* **Problem statement**
Hand back every line from the beginning of the data below through the line containing "doc.units = 0", word for word and free of pictures.

* **Material for this exercise**
[Start of Attachment]
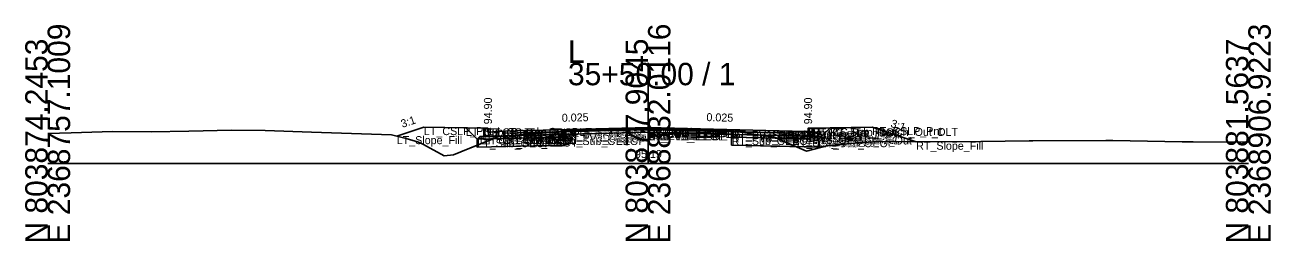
# Model space of a CAD drawing. Extents: x -26 to 8153, y -10 to 9520.
# Drawn here: x 2997.2 to 3152.8, y 990.3 to 1017.3 of the extents above; entities that cross this region are included whole.
import ezdxf

# ---------------------------------------------------------------- set-up
doc = ezdxf.new("R2010")
doc.units = 0
for name, color, linetype in [('Exist CMT Pavement', 7, 'Continuous'), ('Exist Cross Section Cell', 7, 'Continuous'), ('Exist XS Center Line Elevation Label', 7, 'Continuous'), ('Exist XS Ground Line', 7, 'Continuous'), ('Prop CMT Conc Surface', 7, 'Continuous'), ('Prop CMT Concrete Structures', 7, 'Continuous'), ('Prop CMT Pvmt Course 1', 7, 'Continuous'), ('Prop CMT Pvmt Course 1 CG', 7, 'Continuous'), ('Prop CMT Pvmt Course 1 Wedge', 7, 'Continuous'), ('Prop CMT Pvmt Course 2', 7, 'Continuous'), ('Prop CMT Pvmt Course 2 Wedge', 7, 'Continuous'), ('Prop CMT Pvmt Course 3', 7, 'Continuous'), ('Prop CMT Pvmt Course 3 Wedge', 7, 'Continuous'), ('Prop CMT Pvmt Surface', 7, 'Continuous'), ('Prop CMT Pvmt Wedge Surface 1', 7, 'Continuous'), ('Prop CMT Pvmt Wedge Surface 2', 7, 'Continuous'), ('Prop CMT Pvmt Wedge Surface 3', 7, 'Continuous'), ('Prop CMT Shallow Undercut', 7, 'Continuous'), ('Prop CMT Shallow Undercut Boundary', 7, 'Continuous'), ('Prop CMT Slope Grass', 7, 'Continuous'), ('Prop CMT Subgrade Earthwork', 7, 'Continuous'), ('Prop XS Earthwork Shape', 7, 'Continuous'), ('Prop XS Hydro Elevations', 7, 'Continuous'), ('Prop XS SE Text', 7, 'Continuous'), ('Prop XS Side Slope Text', 7, 'Continuous'), ('Prop XS Subgrade Earthwork', 7, 'Continuous'), ('Scratch_Level_2', 7, 'Continuous'), ('Scratch_Level_6', 7, 'Continuous')]:
    doc.layers.add(name, color=color, linetype=linetype)

msp = doc.modelspace()

# ---------------------------------------------------------------- linework, layer by layer
at = {"layer": 'Exist CMT Pavement'}
for p, q in [((3067.61, 1004.07), (3074.8, 1004.19)), ((3074.8, 1004.19), (3079.84, 1004.14)), ((3064.5, 1004.02), (3067.61, 1004.07)), ((3079.84, 1004.14), (3085.45, 1004.1))]:
    msp.add_line(p, q, dxfattribs=at)
at = {"layer": 'Exist Cross Section Cell'}
for p, q in [((3075, 1000), (3075, 1012.58)), ((3000, 1000), (3075, 1000)), ((3075, 1000), (3150, 1000))]:
    msp.add_line(p, q, dxfattribs=at)
at = {"layer": 'Exist XS Ground Line'}
for p, q in [((3017.62, 1004.05), (3022.95, 1004.16)), ((3022.95, 1004.16), (3027.17, 1004.12)), ((3067.61, 1004.07), (3074.8, 1004.19)), ((3074.8, 1004.19), (3079.84, 1004.14)), ((3000, 1003.75), (3002.92, 1003.84)), ((3002.92, 1003.84), (3008.08, 1003.98)), ((3008.08, 1003.98), (3012.94, 1003.94)), ((3012.94, 1003.94), (3017.62, 1004.05)), ((3027.17, 1004.12), (3032.96, 1003.91)), ((3032.96, 1003.91), (3036.72, 1003.78)), ((3036.72, 1003.78), (3042.97, 1003.59)), ((3042.97, 1003.59), (3044.78, 1003.11)), ((3044.78, 1003.11), (3046.32, 1002.68)), ((3046.32, 1002.68), (3046.95, 1002.36)), ((3051.6, 1001.44), (3056.37, 1003.39)), ((3056.37, 1003.39), (3059.85, 1003.68)), ((3059.85, 1003.68), (3064.5, 1004.02)), ((3064.5, 1004.02), (3067.61, 1004.07)), ((3079.84, 1004.14), (3085.45, 1004.1)), ((3085.45, 1004.1), (3087.95, 1003.72)), ((3087.95, 1003.72), (3090.8, 1003.31)), ((3090.8, 1003.31), (3092.17, 1002.65)), ((3092.17, 1002.65), (3094.8, 1001.55)), ((3101.3, 1002.58), (3103.05, 1002.72)), ((3103.05, 1002.72), (3103.54, 1002.74)), ((3103.54, 1002.74), (3113.06, 1002.7)), ((3113.06, 1002.7), (3113.6, 1002.71)), ((3113.6, 1002.71), (3122.63, 1002.83)), ((3122.63, 1002.83), (3123.07, 1002.83)), ((3123.07, 1002.83), (3132.18, 1002.86)), ((3132.18, 1002.86), (3133.09, 1002.87)), ((3133.09, 1002.87), (3141.72, 1002.72)), ((3141.72, 1002.72), (3143.1, 1002.71)), ((3143.1, 1002.71), (3150, 1002.68)), ((3046.95, 1002.36), (3047.31, 1002.18)), ((3047.31, 1002.18), (3049.53, 1000.94)), ((3049.53, 1000.94), (3050.72, 1001.09)), ((3050.72, 1001.09), (3051.6, 1001.44)), ((3094.8, 1001.55), (3097.51, 1002.26)), ((3097.51, 1002.26), (3101.3, 1002.58))]:
    msp.add_line(p, q, dxfattribs=at)
at = {"layer": 'Prop CMT Conc Surface'}
for points in [[(3055, 1003.9), (3055, 1004.4), (3054.5, 1004.4)], [(3095, 1003.9), (3095, 1004.4), (3095.5, 1004.4)], [(3057, 1004.03), (3055, 1003.9)], [(3093, 1004.03), (3095, 1003.9)]]:
    msp.add_lwpolyline(points, dxfattribs=at)
at = {"layer": 'Prop CMT Concrete Structures'}
for points in [[(3057, 1004.03), (3055, 1003.9), (3055, 1004.4), (3054.5, 1004.4)], [(3054.5, 1004.4), (3054.5, 1003.39), (3057, 1003.45)], [(3093, 1004.03), (3095, 1003.9), (3095, 1004.4), (3095.5, 1004.4)], [(3095.5, 1004.4), (3095.5, 1003.39), (3093, 1003.45)], [(3057, 1003.45), (3057, 1004.03)], [(3093, 1003.45), (3093, 1004.03)]]:
    msp.add_lwpolyline(points, dxfattribs=at)
at = {"layer": 'Prop CMT Pvmt Course 1'}
for points in [[(3075, 1004.48), (3057, 1004.03)], [(3064.5, 1004.1), (3075, 1004.36)], [(3075, 1004.23), (3075, 1004.48)], [(3075, 1004.48), (3093, 1004.03)], [(3075, 1004.23), (3075, 1004.48)], [(3075, 1004.36), (3075, 1004.23), (3075, 1004.23)], [(3085.45, 1004.1), (3075, 1004.36)], [(3075, 1004.36), (3075, 1004.23), (3075, 1004.23)], [(3057, 1004.03), (3057, 1003.78)], [(3057, 1003.78), (3064.5, 1003.97)], [(3064.5, 1003.97), (3064.5, 1004.1)], [(3085.45, 1003.97), (3085.45, 1004.1)], [(3093, 1003.78), (3085.45, 1003.97)], [(3093, 1004.03), (3093, 1003.78)]]:
    msp.add_lwpolyline(points, dxfattribs=at)
at = {"layer": 'Prop CMT Pvmt Course 1 CG'}
for points in [[(3057, 1003.45), (3054, 1003.38), (3053.66, 1003.04)], [(3053.66, 1003.04), (3057, 1003.12)], [(3057, 1003.12), (3057, 1003.45)], [(3093, 1003.45), (3096, 1003.38), (3096.34, 1003.04)], [(3093, 1003.12), (3093, 1003.45)], [(3096.34, 1003.04), (3093, 1003.12)]]:
    msp.add_lwpolyline(points, dxfattribs=at)
at = {"layer": 'Prop CMT Pvmt Course 1 Wedge'}
for points in [[(3075, 1004.36), (3064.5, 1004.1)], [(3075, 1004.36), (3085.45, 1004.1)]]:
    msp.add_lwpolyline(points, dxfattribs=at)
at = {"layer": 'Prop CMT Pvmt Course 2'}
for points in [[(3064.5, 1003.97), (3057, 1003.78)], [(3057, 1003.78), (3057, 1003.45)], [(3057, 1003.45), (3064.5, 1003.64)], [(3064.5, 1003.64), (3064.5, 1003.97)], [(3085.45, 1003.64), (3085.45, 1003.97)], [(3085.45, 1003.97), (3093, 1003.78)], [(3093, 1003.45), (3085.45, 1003.64)], [(3093, 1003.78), (3093, 1003.45)]]:
    msp.add_lwpolyline(points, dxfattribs=at)
at = {"layer": 'Prop CMT Pvmt Course 2 Wedge'}
for points in [[(3075, 1004.23), (3064.5, 1003.97)], [(3075, 1004.23), (3085.45, 1003.97)]]:
    msp.add_lwpolyline(points, dxfattribs=at)
at = {"layer": 'Prop CMT Pvmt Course 3'}
for points in [[(3064.5, 1003.64), (3057, 1003.45)], [(3057, 1003.45), (3057, 1003.12)], [(3057, 1003.12), (3064.5, 1003.31)], [(3064.5, 1003.31), (3064.5, 1003.64)], [(3085.45, 1003.64), (3093, 1003.45)], [(3085.45, 1003.31), (3085.45, 1003.64)], [(3093, 1003.12), (3085.45, 1003.31)], [(3093, 1003.45), (3093, 1003.12)]]:
    msp.add_lwpolyline(points, dxfattribs=at)
at = {"layer": 'Prop CMT Pvmt Course 3 Wedge'}
for points in [[(3075, 1003.9), (3064.5, 1003.64)], [(3075, 1003.9), (3085.45, 1003.64)]]:
    msp.add_lwpolyline(points, dxfattribs=at)
at = {"layer": 'Prop CMT Pvmt Surface'}
for points in [[(3075, 1004.48), (3057, 1004.03)], [(3075, 1004.48), (3093, 1004.03)]]:
    msp.add_lwpolyline(points, dxfattribs=at)
at = {"layer": 'Prop CMT Pvmt Wedge Surface 1'}
for points in [[(3075, 1004.36), (3064.5, 1004.1)], [(3075, 1004.36), (3085.45, 1004.1)], [(3057, 1003.78), (3057, 1004.03)], [(3064.5, 1003.97), (3057, 1003.78)], [(3064.5, 1004.1), (3064.5, 1003.97)], [(3085.45, 1004.1), (3085.45, 1003.97)], [(3085.45, 1003.97), (3093, 1003.78)], [(3093, 1003.78), (3093, 1004.03)]]:
    msp.add_lwpolyline(points, dxfattribs=at)
at = {"layer": 'Prop CMT Pvmt Wedge Surface 2'}
for points in [[(3075, 1004.23), (3057, 1003.78)], [(3075, 1004.23), (3093, 1003.78)], [(3057, 1003.78), (3057, 1004.03)], [(3093, 1003.78), (3093, 1004.03)]]:
    msp.add_lwpolyline(points, dxfattribs=at)
at = {"layer": 'Prop CMT Pvmt Wedge Surface 3'}
for points in [[(3057, 1003.45), (3057, 1004.03)], [(3075, 1003.9), (3057, 1003.45)], [(3075, 1003.9), (3093, 1003.45)], [(3093, 1003.45), (3093, 1004.03)]]:
    msp.add_lwpolyline(points, dxfattribs=at)
at = {"layer": 'Prop CMT Shallow Undercut'}
for points in [[(3064.5, 1002.31), (3064.5, 1003.31), (3055.64, 1003.09), (3053.66, 1002.28), (3053.66, 1002.04)], [(3092.17, 1002.65), (3093.47, 1002.11), (3085.45, 1002.31), (3085.45, 1003.31), (3091.1, 1003.17)]]:
    msp.add_lwpolyline(points, close=True, dxfattribs=at)
at = {"layer": 'Prop CMT Shallow Undercut Boundary'}
for p, q in [((3053.66, 1003.04), (3064.5, 1003.31)), ((3053.66, 1003.04), (3053.66, 1002.04)), ((3064.5, 1002.31), (3064.5, 1003.31)), ((3085.45, 1003.31), (3085.45, 1002.31)), ((3085.45, 1003.31), (3096.34, 1003.04)), ((3096.34, 1002.04), (3096.34, 1003.04)), ((3053.66, 1002.04), (3064.5, 1002.31)), ((3085.45, 1002.31), (3096.34, 1002.04))]:
    msp.add_line(p, q, dxfattribs=at)
at = {"layer": 'Prop CMT Slope Grass'}
for points in [[(3054.5, 1004.4), (3047, 1004.55), (3043.61, 1003.42)], [(3095.5, 1004.4), (3103, 1004.55), (3108.5, 1002.72)]]:
    msp.add_lwpolyline(points, dxfattribs=at)
at = {"layer": 'Prop CMT Subgrade Earthwork'}
for points in [[(3057, 1003.12), (3053.66, 1003.04), (3052.25, 1004.45)], [(3093, 1003.12), (3096.34, 1003.04), (3097.75, 1004.45)], [(3064.5, 1003.31), (3057, 1003.12)], [(3064.5, 1003.31), (3064.52, 1004.02)], [(3085.45, 1003.31), (3085.44, 1004.1)], [(3085.45, 1003.31), (3093, 1003.12)]]:
    msp.add_lwpolyline(points, dxfattribs=at)
at = {"layer": 'Prop XS Earthwork Shape'}
for points in [[(3052.25, 1004.45), (3047, 1004.55), (3043.61, 1003.42), (3044.78, 1003.11), (3046.32, 1002.68), (3046.95, 1002.36), (3047.31, 1002.18), (3049.53, 1000.94), (3050.72, 1001.09), (3051.6, 1001.44), (3053.66, 1002.28), (3053.66, 1003.04)], [(3093.47, 1002.11), (3094.8, 1001.55), (3097.51, 1002.26), (3101.3, 1002.58), (3103.05, 1002.72), (3103.54, 1002.74), (3108.5, 1002.72), (3103, 1004.55), (3097.75, 1004.45), (3096.34, 1003.04), (3096.34, 1002.04)], [(3053.66, 1002.28), (3055.64, 1003.09), (3057, 1003.12), (3064.5, 1003.31), (3064.5, 1002.31), (3053.66, 1002.04)], [(3053.66, 1002.28), (3055.64, 1003.09), (3053.66, 1003.04)], [(3064.5, 1003.31), (3057, 1003.12), (3055.64, 1003.09), (3056.37, 1003.39), (3059.85, 1003.68), (3064.5, 1004.02), (3064.52, 1004.02)], [(3085.45, 1003.31), (3091.1, 1003.17), (3090.8, 1003.31), (3087.95, 1003.72), (3085.45, 1004.1), (3085.44, 1004.1)], [(3085.45, 1003.31), (3091.1, 1003.17), (3092.17, 1002.65), (3093.47, 1002.11), (3085.45, 1002.31)], [(3093.47, 1002.11), (3096.34, 1002.04), (3096.34, 1003.04), (3093, 1003.12), (3091.1, 1003.17), (3092.17, 1002.65)]]:
    msp.add_lwpolyline(points, close=True, dxfattribs=at)
at = {"layer": 'Prop XS Subgrade Earthwork'}
for p, q in [((3053.66, 1003.04), (3064.5, 1003.31)), ((3085.45, 1003.31), (3096.34, 1003.04))]:
    msp.add_line(p, q, dxfattribs=at)
at = {"layer": 'Scratch_Level_6'}
for points in [[(3064.5, 1002.31), (3064.5, 1003.31), (3055.64, 1003.09), (3053.66, 1002.28), (3053.66, 1002.04)], [(3092.17, 1002.65), (3093.47, 1002.11), (3085.45, 1002.31), (3085.45, 1003.31), (3091.1, 1003.17)]]:
    msp.add_lwpolyline(points, close=True, dxfattribs=at)

# ---------------------------------------------------------------- texts
at = {"layer": 'Exist Cross Section Cell'}
for s, p in [('E 2368757.1009', (3002.8, 990)), ('E 2368832.0116', (3077.8, 990)), ('E 2368906.9223', (3152.8, 990)), ('N 803874.2453', (3000, 990)), ('N 803877.9045', (3075, 990)), ('N 803881.5637', (3150, 990))]:
    msp.add_text(s, height=2.8, rotation=90, dxfattribs=at).set_placement(p)
for s, p in [('L', (3065, 1012.58)), ('35+50.00 / 1', (3065, 1009.78))]:
    msp.add_text(s, height=2.8, dxfattribs=at).set_placement(p)
at = {"layer": 'Exist XS Center Line Elevation Label'}
msp.add_text('95.19', height=1, dxfattribs=at).set_placement((3073.38, 1000.69))
at = {"layer": 'Prop XS Hydro Elevations'}
for p in [(3055.5, 1004.9), (3095.5, 1004.9)]:
    msp.add_text('94.90', height=1, rotation=90, dxfattribs=at).set_placement(p)
at = {"layer": 'Prop XS SE Text'}
for rotation, p in [(1.4321, (3064.24, 1005.21)), (358.5679, (3082.29, 1005.3))]:
    msp.add_text('0.025', height=1, rotation=rotation, dxfattribs=at).set_placement(p)
at = {"layer": 'Prop XS Side Slope Text'}
for rotation, p in [(18.4349, (3044.31, 1004.45)), (341.5651, (3105.23, 1004.6))]:
    msp.add_text('3:1', height=1, rotation=rotation, dxfattribs=at).set_placement(p)
at = {"layer": 'Scratch_Level_2'}
for s, p in [('LT_CSLP_Pnt', (3047, 1003.55)), ('LT_Sub_Trench_Out_DLT', (3052.25, 1003.45)), ('LT_CG_Top_BOC', (3054.5, 1003.4)), ('LT_CG_Top_Face', (3055, 1003.4)), ('PV1_PGL', (3075, 1003.48)), ('RT_PV1_IEEOP', (3075, 1003.36)), ('LT_PV1_IEEOP', (3075, 1003.36)), ('RT_PV2_IEEOP', (3075, 1003.23)), ('LT_PV2_IEEOP', (3075, 1003.23)), ('PV2_PGL', (3075, 1003.23)), ('RT_PV_IEEOP_EG', (3075, 1003.19)), ('LT_PV_IEEOP_EG', (3075, 1003.19)), ('RT_PV_Sub_Tie_Out', (3085.44, 1003.1)), ('RT_CG_Top_Face', (3095, 1003.4)), ('RT_CG_Top_BOC', (3095.5, 1003.4)), ('RT_Sub_Trench_Out_DLT', (3097.75, 1003.45)), ('RT_CSLP_Pnt', (3103, 1003.55)), ('LT_Slope_Fill', (3043.61, 1002.42)), ('LT_Sub_OEOP', (3053.66, 1002.04)), ('LT_CG1_Shelf_Out', (3054, 1002.38)), ('LT_CG_Bot_BOC', (3054.5, 1002.39)), ('LT_CG_Top_Gut', (3055, 1002.9)), ('LT_PV1_OEOT', (3057, 1003.03)), ('LT_PV2_OEOT', (3057, 1002.78)), ('LT_PV3_OEOT', (3057, 1002.45)), ('LT_CG_Bot_IE', (3057, 1002.45)), ('LT_Sub_OEOT', (3057, 1002.12)), ('LT_PV1_OEEOP', (3064.5, 1003.1)), ('LT_PV_OEEOP_EG', (3064.5, 1003.02)), ('LT_PV2_OEEOP', (3064.5, 1002.97)), ('LT_PV3_OEEOP', (3064.5, 1002.64)), ('LT_Sub_OEEOP', (3064.5, 1002.31)), ('LT_PV_Sub_Tie_Out', (3064.52, 1003.02)), ('RT_PV3_IEEOP', (3075, 1002.9)), ('LT_PV3_IEEOP', (3075, 1002.9)), ('RT_PV_OEEOP_EG', (3085.45, 1003.1)), ('RT_PV1_OEEOP', (3085.45, 1003.1)), ('RT_PV2_OEEOP', (3085.45, 1002.97)), ('RT_PV3_OEEOP', (3085.45, 1002.64)), ('RT_Sub_OEEOP', (3085.45, 1002.31)), ('RT_PV1_OEOT', (3093, 1003.03)), ('RT_PV2_OEOT', (3093, 1002.78)), ('RT_PV3_OEOT', (3093, 1002.45)), ('RT_CG_Bot_IE', (3093, 1002.45)), ('RT_Sub_OEOT', (3093, 1002.12)), ('RT_CG_Top_Gut', (3095, 1002.9)), ('RT_CG_Bot_BOC', (3095.5, 1002.39)), ('RT_CG1_Shelf_Out', (3096, 1002.38)), ('RT_Sub_OEOP', (3096.34, 1002.04)), ('RT_Slope_Fill', (3108.5, 1001.72))]:
    msp.add_text(s, height=1, dxfattribs=at).set_placement(p)

doc.saveas('drawing.dxf')
[End of Attachment]
* **Solution to this problem**
# Model space of a CAD drawing. Extents: x -26 to 8153, y -10 to 9520.
# Drawn here: x 2997.2 to 3152.8, y 990.3 to 1017.3 of the extents above; entities that cross this region are included whole.
import ezdxf

# ---------------------------------------------------------------- set-up
doc = ezdxf.new("R2010")
doc.units = 0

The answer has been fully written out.